◆ LISTED ENTRIES ◆
Start of Block
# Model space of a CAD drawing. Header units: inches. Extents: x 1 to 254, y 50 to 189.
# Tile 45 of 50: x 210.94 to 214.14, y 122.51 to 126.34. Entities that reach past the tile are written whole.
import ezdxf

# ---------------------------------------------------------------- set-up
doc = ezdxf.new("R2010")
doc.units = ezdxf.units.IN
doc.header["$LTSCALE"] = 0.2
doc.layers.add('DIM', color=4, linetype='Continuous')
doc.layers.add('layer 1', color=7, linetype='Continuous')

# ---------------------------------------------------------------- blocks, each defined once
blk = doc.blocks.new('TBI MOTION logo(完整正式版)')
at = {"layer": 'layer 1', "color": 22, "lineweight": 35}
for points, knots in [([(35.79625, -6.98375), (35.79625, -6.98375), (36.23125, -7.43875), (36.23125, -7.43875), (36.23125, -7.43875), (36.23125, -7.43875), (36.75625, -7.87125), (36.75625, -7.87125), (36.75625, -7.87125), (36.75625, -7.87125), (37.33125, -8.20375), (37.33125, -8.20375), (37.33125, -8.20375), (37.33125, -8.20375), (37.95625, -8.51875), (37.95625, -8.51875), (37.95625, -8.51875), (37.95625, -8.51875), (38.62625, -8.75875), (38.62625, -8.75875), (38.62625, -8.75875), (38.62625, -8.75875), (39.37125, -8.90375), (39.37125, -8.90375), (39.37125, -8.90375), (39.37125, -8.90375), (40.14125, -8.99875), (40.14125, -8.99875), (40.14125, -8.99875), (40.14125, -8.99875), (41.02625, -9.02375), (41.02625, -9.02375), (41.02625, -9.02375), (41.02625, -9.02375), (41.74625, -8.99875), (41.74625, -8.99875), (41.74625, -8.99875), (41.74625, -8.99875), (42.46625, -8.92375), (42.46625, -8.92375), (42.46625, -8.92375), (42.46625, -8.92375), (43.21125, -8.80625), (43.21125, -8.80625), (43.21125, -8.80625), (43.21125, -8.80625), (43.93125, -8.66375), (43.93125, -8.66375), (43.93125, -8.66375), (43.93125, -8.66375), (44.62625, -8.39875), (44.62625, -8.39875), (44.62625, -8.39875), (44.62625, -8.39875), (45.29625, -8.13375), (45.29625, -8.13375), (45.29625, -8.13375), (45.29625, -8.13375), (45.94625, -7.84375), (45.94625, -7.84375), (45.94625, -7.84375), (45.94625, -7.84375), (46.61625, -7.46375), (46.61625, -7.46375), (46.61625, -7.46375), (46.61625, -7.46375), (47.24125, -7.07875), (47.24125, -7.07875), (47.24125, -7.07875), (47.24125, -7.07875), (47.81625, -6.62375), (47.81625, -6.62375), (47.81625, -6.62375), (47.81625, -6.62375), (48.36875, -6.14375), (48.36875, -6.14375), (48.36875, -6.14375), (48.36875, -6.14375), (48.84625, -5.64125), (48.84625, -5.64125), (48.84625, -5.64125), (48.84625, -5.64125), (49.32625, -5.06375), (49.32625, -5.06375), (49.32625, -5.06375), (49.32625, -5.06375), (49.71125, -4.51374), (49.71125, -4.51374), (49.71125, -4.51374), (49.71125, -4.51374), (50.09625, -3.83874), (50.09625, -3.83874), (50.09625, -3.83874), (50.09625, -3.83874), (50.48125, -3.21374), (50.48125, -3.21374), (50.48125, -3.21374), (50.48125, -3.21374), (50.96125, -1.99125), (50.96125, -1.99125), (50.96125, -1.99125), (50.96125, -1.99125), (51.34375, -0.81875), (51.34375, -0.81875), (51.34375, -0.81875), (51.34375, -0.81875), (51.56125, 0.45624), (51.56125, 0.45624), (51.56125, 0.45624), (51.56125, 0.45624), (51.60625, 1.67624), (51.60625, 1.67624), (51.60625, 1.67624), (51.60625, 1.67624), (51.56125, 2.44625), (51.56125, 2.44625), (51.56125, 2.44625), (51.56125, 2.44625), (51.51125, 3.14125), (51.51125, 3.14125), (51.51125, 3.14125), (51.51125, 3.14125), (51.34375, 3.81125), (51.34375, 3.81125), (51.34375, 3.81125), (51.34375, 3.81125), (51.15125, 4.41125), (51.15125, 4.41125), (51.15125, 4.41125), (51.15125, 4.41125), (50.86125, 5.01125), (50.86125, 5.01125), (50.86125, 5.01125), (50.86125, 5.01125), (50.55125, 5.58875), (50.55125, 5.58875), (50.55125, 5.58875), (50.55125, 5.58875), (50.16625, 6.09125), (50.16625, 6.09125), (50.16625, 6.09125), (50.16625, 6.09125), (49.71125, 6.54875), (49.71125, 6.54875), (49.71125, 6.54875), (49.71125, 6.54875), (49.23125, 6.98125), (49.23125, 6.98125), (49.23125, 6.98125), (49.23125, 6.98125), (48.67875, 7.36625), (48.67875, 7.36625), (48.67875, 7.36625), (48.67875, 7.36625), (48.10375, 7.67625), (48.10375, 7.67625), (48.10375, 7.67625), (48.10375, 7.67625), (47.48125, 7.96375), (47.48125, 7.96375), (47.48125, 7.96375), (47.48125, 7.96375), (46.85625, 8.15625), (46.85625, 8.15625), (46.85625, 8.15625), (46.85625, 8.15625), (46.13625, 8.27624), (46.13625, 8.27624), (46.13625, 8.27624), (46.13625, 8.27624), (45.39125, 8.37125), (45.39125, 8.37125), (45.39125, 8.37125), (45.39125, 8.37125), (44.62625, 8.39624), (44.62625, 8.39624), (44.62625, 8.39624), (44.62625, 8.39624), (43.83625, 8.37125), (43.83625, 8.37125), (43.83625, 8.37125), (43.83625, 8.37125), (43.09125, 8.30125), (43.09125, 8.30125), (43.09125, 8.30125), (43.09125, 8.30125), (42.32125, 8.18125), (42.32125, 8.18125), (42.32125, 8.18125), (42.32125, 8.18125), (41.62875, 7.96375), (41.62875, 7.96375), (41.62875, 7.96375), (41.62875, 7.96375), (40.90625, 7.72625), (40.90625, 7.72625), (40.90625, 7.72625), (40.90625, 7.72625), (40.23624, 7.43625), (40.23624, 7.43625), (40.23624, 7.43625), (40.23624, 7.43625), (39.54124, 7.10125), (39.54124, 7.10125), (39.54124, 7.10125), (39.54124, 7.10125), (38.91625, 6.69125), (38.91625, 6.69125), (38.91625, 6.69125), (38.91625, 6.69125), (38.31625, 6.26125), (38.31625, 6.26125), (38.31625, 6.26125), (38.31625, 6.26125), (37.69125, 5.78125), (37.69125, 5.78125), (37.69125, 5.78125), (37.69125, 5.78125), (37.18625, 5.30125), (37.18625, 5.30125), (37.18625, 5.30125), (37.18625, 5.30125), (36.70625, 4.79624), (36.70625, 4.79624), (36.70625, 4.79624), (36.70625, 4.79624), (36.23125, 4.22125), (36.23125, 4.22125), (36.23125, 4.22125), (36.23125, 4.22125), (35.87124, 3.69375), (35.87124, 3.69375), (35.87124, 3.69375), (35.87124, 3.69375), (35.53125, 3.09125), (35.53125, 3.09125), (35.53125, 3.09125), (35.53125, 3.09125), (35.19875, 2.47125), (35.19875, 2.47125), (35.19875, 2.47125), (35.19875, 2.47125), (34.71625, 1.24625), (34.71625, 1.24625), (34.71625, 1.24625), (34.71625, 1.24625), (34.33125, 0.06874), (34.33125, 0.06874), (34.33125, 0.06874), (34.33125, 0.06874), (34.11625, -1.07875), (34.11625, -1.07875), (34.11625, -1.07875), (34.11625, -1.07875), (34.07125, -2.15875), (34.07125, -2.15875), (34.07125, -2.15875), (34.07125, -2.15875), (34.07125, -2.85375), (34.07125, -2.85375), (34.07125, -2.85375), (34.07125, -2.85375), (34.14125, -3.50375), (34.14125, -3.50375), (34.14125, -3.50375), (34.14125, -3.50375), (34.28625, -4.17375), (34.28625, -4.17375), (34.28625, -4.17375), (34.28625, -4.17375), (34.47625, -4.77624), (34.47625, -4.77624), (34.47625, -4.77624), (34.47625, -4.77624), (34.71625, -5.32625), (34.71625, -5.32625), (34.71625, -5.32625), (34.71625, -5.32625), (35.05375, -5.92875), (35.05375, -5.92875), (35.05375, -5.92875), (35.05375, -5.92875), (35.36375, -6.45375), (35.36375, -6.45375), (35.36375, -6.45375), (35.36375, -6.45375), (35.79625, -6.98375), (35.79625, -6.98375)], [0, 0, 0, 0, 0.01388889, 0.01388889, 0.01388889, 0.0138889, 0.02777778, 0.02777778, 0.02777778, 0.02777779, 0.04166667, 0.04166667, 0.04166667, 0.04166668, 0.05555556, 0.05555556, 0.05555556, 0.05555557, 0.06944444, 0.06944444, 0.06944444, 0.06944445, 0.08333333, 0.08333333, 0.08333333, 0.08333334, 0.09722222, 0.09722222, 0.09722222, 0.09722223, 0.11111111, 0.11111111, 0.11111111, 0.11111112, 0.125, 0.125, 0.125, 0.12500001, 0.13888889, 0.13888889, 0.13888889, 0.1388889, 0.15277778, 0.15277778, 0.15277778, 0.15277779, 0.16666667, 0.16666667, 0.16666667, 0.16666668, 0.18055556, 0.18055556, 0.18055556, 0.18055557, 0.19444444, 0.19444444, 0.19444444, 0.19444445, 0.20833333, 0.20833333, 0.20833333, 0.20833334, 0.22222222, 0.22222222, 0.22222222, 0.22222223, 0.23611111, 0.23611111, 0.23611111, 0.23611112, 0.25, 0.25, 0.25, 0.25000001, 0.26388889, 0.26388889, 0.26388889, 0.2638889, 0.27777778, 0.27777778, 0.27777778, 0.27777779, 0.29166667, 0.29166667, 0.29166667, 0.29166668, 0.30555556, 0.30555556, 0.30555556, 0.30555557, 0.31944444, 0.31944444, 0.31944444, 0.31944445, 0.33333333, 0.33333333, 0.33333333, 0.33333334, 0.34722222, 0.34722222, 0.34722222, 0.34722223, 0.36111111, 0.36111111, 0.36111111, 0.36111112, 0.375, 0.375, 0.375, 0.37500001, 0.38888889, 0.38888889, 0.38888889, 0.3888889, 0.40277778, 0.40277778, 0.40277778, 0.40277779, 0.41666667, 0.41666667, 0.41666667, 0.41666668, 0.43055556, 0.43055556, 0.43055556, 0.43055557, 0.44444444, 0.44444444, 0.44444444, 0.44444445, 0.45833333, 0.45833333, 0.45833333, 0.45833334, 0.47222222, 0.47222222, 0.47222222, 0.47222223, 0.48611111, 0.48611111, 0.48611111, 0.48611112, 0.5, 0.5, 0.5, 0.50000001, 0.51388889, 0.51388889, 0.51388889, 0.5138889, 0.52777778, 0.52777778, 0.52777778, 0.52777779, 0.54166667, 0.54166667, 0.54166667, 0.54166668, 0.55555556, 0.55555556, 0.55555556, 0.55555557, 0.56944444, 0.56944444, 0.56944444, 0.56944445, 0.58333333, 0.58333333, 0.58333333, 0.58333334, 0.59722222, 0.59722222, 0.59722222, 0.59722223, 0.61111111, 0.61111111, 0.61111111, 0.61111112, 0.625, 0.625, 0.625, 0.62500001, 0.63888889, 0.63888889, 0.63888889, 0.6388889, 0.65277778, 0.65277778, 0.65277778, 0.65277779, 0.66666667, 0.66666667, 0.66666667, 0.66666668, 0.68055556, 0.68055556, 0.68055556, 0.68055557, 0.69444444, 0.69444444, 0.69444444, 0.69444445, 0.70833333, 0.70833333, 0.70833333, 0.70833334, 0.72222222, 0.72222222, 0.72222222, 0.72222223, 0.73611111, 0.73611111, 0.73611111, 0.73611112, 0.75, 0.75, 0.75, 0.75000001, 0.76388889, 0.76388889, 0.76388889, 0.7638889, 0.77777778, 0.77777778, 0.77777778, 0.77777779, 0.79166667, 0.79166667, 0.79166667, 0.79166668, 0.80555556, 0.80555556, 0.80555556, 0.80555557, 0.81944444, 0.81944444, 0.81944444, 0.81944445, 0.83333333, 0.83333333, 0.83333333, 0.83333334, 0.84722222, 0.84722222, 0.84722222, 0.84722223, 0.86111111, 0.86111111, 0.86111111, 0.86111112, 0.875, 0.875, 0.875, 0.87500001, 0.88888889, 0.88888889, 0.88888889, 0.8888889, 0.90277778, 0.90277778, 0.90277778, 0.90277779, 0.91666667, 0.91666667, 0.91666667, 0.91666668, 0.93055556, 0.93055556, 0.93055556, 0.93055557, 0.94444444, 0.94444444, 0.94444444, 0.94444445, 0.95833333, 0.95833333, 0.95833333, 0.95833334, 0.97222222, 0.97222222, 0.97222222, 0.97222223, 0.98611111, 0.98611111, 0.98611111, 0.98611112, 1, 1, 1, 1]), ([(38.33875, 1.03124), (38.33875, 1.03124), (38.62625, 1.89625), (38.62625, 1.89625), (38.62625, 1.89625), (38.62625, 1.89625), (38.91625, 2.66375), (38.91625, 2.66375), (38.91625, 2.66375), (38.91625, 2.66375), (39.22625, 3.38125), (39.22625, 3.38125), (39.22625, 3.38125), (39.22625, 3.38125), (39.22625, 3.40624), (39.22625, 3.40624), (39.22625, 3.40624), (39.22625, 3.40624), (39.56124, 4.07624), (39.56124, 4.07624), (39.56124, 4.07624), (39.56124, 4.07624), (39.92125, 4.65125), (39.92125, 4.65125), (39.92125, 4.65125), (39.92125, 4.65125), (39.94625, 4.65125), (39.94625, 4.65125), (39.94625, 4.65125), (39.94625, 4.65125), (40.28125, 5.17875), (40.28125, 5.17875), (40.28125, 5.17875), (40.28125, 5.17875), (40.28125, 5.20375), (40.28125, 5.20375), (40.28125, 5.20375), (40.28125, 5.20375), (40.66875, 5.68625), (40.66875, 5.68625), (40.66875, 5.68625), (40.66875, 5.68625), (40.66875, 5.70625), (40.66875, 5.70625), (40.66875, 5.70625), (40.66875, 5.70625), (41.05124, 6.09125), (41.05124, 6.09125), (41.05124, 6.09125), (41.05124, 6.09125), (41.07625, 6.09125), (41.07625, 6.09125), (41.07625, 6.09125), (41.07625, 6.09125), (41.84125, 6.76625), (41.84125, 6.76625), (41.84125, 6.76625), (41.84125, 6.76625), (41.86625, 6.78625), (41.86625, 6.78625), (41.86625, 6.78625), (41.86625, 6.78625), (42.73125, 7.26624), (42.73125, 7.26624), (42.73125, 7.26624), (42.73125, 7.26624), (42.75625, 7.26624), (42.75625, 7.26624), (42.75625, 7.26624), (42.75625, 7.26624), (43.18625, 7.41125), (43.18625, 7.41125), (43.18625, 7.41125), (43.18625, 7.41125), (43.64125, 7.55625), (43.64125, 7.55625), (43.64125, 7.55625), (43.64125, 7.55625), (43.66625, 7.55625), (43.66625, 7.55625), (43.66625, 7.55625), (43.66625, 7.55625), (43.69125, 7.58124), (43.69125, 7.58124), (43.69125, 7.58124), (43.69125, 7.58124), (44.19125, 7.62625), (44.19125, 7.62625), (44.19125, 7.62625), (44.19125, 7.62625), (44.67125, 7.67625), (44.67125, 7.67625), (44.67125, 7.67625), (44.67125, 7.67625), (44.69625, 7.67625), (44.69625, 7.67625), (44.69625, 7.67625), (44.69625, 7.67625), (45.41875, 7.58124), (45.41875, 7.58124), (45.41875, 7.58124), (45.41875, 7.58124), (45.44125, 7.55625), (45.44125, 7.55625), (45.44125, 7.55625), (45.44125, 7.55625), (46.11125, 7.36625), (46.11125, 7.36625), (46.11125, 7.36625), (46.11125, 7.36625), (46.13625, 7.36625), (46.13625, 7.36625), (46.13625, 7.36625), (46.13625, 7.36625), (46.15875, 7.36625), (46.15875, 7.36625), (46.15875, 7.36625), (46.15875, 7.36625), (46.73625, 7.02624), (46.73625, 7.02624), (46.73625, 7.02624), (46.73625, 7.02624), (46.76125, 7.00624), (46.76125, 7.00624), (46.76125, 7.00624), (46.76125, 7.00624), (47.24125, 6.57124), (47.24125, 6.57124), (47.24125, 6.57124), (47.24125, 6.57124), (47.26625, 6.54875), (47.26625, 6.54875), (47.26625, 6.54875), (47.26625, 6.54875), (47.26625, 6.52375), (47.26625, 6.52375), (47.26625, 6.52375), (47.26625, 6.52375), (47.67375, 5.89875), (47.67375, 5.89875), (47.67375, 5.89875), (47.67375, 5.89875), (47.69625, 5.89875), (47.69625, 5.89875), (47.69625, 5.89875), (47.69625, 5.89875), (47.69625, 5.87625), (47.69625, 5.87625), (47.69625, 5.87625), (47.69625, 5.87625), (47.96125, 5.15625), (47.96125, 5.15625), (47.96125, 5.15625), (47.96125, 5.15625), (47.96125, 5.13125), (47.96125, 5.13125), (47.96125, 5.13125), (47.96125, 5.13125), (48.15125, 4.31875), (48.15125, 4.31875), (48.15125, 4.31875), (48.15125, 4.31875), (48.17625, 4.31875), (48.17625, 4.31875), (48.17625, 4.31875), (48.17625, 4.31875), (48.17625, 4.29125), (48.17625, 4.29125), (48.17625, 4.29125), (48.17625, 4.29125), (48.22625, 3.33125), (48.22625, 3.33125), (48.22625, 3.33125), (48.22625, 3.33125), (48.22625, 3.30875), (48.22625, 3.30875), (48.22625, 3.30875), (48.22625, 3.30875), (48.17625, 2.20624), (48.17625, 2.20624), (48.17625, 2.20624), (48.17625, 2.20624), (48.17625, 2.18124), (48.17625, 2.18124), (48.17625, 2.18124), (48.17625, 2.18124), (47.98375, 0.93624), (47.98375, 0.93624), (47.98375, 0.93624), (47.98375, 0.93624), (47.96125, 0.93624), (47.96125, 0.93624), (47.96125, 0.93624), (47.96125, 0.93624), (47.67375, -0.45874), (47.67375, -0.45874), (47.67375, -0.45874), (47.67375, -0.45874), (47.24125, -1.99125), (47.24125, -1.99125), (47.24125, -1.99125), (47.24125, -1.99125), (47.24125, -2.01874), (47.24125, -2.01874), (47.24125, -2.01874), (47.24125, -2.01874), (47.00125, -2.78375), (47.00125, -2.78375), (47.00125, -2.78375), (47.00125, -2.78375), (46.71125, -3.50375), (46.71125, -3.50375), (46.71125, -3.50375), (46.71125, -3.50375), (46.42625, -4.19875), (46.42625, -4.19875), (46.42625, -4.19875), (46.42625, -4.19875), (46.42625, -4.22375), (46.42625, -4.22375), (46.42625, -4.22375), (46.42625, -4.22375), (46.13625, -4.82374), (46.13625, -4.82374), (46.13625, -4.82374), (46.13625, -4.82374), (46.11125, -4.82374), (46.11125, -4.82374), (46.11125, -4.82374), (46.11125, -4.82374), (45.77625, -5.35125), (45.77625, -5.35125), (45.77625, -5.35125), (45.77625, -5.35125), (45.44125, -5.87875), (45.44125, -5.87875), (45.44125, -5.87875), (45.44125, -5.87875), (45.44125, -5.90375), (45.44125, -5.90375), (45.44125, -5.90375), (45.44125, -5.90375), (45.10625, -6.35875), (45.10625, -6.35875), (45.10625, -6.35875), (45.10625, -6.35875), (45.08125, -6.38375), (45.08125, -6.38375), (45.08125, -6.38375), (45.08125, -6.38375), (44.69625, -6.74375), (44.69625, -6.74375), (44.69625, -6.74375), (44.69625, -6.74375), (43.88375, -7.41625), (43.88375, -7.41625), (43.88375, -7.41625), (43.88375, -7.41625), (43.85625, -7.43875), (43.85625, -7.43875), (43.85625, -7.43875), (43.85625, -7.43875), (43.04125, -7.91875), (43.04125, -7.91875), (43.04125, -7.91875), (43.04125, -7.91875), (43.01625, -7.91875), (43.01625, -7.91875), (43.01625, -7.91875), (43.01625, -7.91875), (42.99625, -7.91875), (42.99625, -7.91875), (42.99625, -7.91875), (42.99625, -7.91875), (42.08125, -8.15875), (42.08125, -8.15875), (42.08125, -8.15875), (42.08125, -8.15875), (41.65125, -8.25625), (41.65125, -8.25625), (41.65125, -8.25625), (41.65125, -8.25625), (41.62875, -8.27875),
End of Block
◆ WHAT IS NEEDED ◆
Where a line of the data contains "ezdxf", copy that line.

◆ RESPONSE FOR THIS EXERCISE ◆
import ezdxf
doc = ezdxf.new("R2010")
doc.units = ezdxf.units.IN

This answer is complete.